===== PROVIDED RECORDS =====

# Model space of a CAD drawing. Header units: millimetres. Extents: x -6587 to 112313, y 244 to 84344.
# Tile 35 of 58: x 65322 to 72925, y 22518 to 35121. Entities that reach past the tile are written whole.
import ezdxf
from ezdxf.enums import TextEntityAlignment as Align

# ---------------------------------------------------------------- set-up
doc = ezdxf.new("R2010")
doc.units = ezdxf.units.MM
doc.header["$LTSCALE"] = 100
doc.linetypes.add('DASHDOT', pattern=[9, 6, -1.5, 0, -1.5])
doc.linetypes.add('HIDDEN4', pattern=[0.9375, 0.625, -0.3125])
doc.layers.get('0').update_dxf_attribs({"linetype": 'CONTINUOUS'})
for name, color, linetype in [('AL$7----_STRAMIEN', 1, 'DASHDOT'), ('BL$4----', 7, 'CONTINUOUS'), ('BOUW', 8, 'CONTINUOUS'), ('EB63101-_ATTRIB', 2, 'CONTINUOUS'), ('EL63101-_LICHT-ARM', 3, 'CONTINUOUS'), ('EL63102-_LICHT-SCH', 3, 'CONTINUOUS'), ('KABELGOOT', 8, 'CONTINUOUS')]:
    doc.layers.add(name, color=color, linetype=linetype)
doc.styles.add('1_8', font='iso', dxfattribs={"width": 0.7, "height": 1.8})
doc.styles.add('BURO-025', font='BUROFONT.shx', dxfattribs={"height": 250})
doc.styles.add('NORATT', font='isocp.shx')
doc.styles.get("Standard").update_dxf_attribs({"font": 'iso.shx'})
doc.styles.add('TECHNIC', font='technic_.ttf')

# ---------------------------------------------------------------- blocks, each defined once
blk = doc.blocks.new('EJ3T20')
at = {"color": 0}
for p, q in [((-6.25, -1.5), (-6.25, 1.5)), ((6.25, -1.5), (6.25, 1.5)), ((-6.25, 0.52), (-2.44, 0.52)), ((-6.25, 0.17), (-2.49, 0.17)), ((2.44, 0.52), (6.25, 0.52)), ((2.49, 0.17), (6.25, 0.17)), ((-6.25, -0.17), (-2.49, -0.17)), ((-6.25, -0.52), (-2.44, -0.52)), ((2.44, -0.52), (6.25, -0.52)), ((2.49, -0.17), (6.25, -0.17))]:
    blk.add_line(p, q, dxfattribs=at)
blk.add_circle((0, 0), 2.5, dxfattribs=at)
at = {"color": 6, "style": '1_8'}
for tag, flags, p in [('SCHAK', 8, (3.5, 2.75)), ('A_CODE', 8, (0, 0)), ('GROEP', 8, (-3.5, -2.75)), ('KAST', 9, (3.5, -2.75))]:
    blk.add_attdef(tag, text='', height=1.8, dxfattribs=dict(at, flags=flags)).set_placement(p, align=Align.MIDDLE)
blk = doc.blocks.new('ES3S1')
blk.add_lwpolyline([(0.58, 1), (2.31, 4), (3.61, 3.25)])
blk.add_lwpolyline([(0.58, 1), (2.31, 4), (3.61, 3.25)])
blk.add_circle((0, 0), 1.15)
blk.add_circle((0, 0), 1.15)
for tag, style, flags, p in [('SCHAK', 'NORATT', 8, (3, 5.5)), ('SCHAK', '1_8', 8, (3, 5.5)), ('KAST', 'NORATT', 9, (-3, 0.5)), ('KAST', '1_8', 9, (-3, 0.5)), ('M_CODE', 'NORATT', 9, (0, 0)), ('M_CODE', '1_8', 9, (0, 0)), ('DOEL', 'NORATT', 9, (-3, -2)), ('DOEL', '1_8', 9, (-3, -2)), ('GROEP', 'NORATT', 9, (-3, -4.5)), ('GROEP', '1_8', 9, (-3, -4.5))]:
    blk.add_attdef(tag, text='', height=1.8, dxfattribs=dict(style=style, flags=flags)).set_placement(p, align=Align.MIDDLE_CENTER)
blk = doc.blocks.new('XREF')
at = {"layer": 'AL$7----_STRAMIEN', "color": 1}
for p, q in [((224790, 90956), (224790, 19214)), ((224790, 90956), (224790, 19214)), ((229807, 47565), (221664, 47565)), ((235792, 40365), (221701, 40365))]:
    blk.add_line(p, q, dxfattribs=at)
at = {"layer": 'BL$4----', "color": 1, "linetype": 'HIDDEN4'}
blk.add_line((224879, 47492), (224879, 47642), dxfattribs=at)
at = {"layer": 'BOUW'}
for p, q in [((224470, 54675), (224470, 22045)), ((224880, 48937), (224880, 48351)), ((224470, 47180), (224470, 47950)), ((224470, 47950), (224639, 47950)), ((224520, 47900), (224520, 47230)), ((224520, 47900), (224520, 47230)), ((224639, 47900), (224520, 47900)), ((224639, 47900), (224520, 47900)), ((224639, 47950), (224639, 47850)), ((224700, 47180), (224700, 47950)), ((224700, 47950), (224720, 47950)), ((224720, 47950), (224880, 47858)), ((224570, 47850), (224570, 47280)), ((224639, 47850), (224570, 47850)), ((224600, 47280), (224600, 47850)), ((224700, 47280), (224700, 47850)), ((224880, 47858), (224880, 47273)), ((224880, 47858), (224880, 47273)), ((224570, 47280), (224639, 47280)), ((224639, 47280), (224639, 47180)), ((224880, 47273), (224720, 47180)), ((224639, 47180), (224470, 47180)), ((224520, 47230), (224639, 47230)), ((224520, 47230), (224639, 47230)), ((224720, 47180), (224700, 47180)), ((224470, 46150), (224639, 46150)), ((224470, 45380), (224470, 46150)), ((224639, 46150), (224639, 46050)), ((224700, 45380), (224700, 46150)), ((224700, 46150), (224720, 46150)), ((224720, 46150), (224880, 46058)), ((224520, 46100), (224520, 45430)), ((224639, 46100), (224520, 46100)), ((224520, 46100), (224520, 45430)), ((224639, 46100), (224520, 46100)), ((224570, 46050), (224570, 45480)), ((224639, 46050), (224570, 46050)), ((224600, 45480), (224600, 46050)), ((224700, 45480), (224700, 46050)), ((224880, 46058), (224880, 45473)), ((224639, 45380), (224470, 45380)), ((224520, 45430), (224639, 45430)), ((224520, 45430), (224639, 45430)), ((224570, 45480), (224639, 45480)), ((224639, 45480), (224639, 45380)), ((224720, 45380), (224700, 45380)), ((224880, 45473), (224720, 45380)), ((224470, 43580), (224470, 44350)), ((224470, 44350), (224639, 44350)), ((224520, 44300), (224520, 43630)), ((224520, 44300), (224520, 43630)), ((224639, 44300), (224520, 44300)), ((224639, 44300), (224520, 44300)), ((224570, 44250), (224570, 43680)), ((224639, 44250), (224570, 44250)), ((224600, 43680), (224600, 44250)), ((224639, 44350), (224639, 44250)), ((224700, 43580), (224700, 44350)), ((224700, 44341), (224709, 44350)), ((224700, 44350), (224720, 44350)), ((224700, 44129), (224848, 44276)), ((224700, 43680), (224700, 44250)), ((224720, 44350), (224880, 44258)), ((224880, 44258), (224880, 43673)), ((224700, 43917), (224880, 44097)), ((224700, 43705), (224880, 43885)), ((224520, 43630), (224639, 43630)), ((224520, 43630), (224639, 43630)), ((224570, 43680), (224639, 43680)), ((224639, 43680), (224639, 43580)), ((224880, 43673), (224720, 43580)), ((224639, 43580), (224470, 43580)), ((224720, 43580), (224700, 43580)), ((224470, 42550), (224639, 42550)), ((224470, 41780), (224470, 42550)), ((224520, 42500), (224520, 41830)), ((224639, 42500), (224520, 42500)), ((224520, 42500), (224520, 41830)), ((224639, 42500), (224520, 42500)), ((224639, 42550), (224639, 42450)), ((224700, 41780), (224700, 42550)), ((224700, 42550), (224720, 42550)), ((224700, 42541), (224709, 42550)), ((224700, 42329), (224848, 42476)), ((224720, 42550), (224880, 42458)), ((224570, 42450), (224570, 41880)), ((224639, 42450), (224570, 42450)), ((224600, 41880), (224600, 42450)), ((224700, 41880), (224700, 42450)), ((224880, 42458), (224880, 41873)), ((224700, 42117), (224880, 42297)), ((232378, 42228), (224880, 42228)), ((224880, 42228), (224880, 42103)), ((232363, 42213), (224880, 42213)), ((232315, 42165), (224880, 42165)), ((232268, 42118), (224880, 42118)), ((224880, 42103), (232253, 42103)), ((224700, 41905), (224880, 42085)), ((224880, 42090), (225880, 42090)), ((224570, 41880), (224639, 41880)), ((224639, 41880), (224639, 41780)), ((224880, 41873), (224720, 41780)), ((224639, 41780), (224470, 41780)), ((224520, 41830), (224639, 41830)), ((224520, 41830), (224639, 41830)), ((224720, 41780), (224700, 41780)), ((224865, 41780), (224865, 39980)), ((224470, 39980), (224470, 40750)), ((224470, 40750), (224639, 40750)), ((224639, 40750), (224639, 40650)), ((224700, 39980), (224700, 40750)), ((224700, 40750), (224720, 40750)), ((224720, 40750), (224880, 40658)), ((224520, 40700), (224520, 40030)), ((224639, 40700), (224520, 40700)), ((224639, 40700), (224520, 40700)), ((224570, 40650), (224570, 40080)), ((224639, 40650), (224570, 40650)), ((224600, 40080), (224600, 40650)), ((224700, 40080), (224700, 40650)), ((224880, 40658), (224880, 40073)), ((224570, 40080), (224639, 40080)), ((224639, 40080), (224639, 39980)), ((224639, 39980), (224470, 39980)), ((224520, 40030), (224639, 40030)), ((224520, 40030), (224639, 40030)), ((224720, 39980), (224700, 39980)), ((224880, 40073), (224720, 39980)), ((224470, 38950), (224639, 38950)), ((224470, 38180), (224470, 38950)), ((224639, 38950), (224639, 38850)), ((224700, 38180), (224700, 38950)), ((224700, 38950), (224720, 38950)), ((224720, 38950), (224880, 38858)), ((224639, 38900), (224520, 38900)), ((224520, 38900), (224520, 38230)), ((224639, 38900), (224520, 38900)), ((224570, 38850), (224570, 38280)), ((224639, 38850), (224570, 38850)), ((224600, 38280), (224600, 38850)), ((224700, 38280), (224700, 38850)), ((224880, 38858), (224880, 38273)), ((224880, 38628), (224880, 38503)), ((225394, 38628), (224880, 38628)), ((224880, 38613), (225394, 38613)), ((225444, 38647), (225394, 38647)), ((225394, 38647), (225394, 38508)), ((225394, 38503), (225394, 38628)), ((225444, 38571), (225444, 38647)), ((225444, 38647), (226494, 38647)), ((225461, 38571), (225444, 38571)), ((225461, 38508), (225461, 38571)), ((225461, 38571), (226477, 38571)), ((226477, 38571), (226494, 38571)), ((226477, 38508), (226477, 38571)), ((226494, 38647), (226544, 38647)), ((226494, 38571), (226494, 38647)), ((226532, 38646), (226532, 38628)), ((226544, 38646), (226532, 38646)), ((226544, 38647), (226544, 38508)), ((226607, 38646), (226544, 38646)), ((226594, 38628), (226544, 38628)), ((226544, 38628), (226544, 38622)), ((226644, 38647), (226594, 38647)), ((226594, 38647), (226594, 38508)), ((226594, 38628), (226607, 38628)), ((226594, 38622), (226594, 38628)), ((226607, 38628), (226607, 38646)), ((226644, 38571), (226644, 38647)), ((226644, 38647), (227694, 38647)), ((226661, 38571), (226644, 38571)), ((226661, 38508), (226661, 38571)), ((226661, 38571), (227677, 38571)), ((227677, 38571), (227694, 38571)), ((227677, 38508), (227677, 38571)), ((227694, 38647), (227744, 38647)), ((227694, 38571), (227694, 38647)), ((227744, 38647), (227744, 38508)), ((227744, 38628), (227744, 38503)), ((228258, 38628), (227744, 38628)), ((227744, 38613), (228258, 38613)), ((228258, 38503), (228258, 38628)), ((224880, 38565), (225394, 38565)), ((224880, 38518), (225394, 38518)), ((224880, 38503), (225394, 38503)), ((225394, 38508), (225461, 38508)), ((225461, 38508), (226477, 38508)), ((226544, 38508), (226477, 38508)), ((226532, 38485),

=====

■ THE TASK
Look over the records. Copy the lines that include the word "DASHDOT".

■ WRITTEN ANSWER
doc.linetypes.add('DASHDOT', pattern=[9, 6, -1.5, 0, -1.5])
for name, color, linetype in [('AL$7----_STRAMIEN', 1, 'DASHDOT'), ('BL$4----', 7, 'CONTINUOUS'), ('BOUW', 8, 'CONTINUOUS'), ('EB63101-_ATTRIB', 2, 'CONTINUOUS'), ('EL63101-_LICHT-ARM', 3, 'CONTINUOUS'), ('EL63102-_LICHT-SCH', 3, 'CONTINUOUS'), ('KABELGOOT', 8, 'CONTINUOUS')]:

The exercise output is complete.